A nine-goal thriller ensued between the two sides, with Coventry leaving Wearside with all three points from a 5-4 classic which featured nine different goalscorers. With the score level at 3-3 at half time, Max Power’s second-half strike proved Sunderland’s last telling contribution to the game, with Conor Chaplin striking what would prove to be a 78th-minute winner and ensuring Sunderland fell behind Barnsley in the race for automatic promotion. Coventry didn’t get their promotion just yet, but took great pride in ensuring the Black Cats were bound for the play-offs, where they would lose to Charlton in the Wembley final.

Coventry celebrate victory at Sunderland in 2019

 

Are they playing each other this season?
No they are not. The teams play in the second and third tier of English football, while Sunderland’s exit from the FA Cup at the hands of Mansfield means there is no opportunity for the clubs to meet again this season.

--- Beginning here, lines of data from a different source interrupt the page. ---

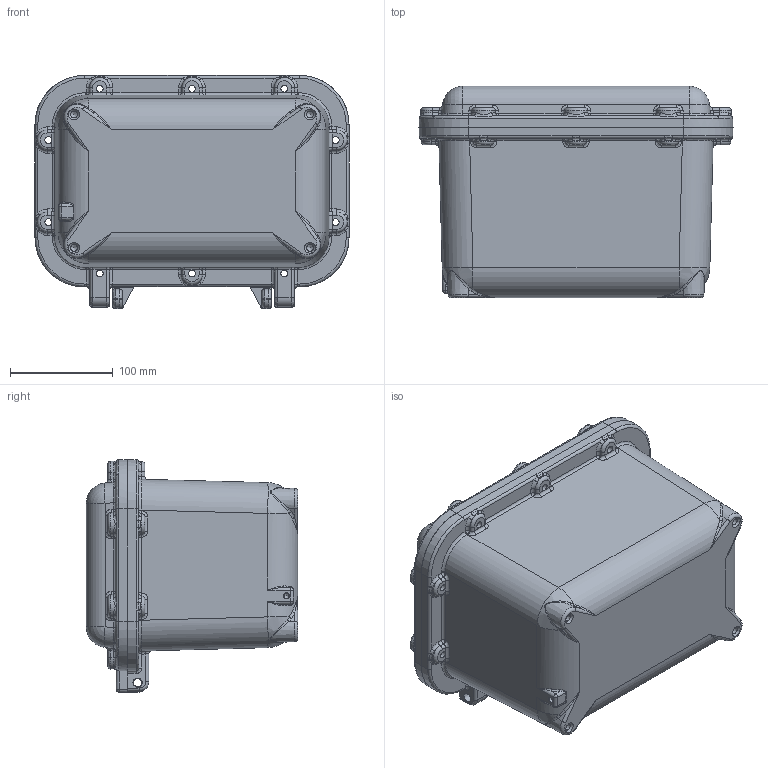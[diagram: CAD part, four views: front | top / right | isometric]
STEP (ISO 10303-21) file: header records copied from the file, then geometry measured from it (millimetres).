
FILE_DESCRIPTION(('STEP AP203'), '1');
FILE_NAME('Ñáîðêà_Êîðïóñ Â03-1', '', ('UNSPECIFIED'), ('UNSPECIFIED'), 'C3D Converter', 'C3D Toolkit', '');
FILE_SCHEMA(('CONFIG_CONTROL_DESIGN'));
Length unit declared in the file: millimetre
Products named in the file (3): В03-01; В03-02
Assembly tree (2 placements, depth 2):
  (unnamed)
    В03-01
    В03-02
Bounding box: 306 x 206 x 227.15 mm (x, y, z)
Volume: 3419191.4 mm3; surface area: 531470.6 mm2
Topology: 2 solids, 2 shells, 1420 faces, 3571 edges, 2147 vertices
Faces by surface type: cylinder 671, plane 257, bspline 245, torus 88, cone 77, extrusion 54, sphere 28
Full cylindrical faces by diameter (mm): 4.134 x6, 4.917 x1, 6.647 x14, 8 x2, 9 x22
Entity records: 111606 total; most frequent: CARTESIAN_POINT 68061, ORIENTED_EDGE 6878, DIRECTION 6343, EDGE_CURVE 3439, AXIS2_PLACEMENT_3D 2491, VERTEX_POINT 2136, EDGE_LOOP 1581, FACE_BOUND 1450

As per the first section of the article, you can get decent odds on Sunderland earning promotion to the Championship and Coventry failing to get themselves out of the second tier, so don’t be surprised to see the two meeting up again in the near future.

The two clubs have played each other 42 times, and Coventry just have the edge. They have 15 victories to Sunderland’s 12, with a dozen draws also in the annals of history for this fixture, a 2-1 win for Sunderland in the 1930 FA Cup being the first ever meeting between the two and a 1-0 Coventry victory in the last ‘home’ game before the first Covid lockdown the most recent outing.

 

What’s the future for this rivalry?
Still very bright. Sunderland fans still retain much ill feeling to Coventry and to Hill, even booing the former Match of the Day host when the Black Cats visited Fulham on the same day he was being honoured by the Cottagers. Hill waved at the fans who felt so much vitriol for him decades after the incident still sorely remembered by many Black Cats.

So many memorable moments down the years and regular meetings mean the rivalry has never been allowed to thaw, and should the two meet again in the next few years, you can expect yet more chapters to add to a tempestuous rivalry.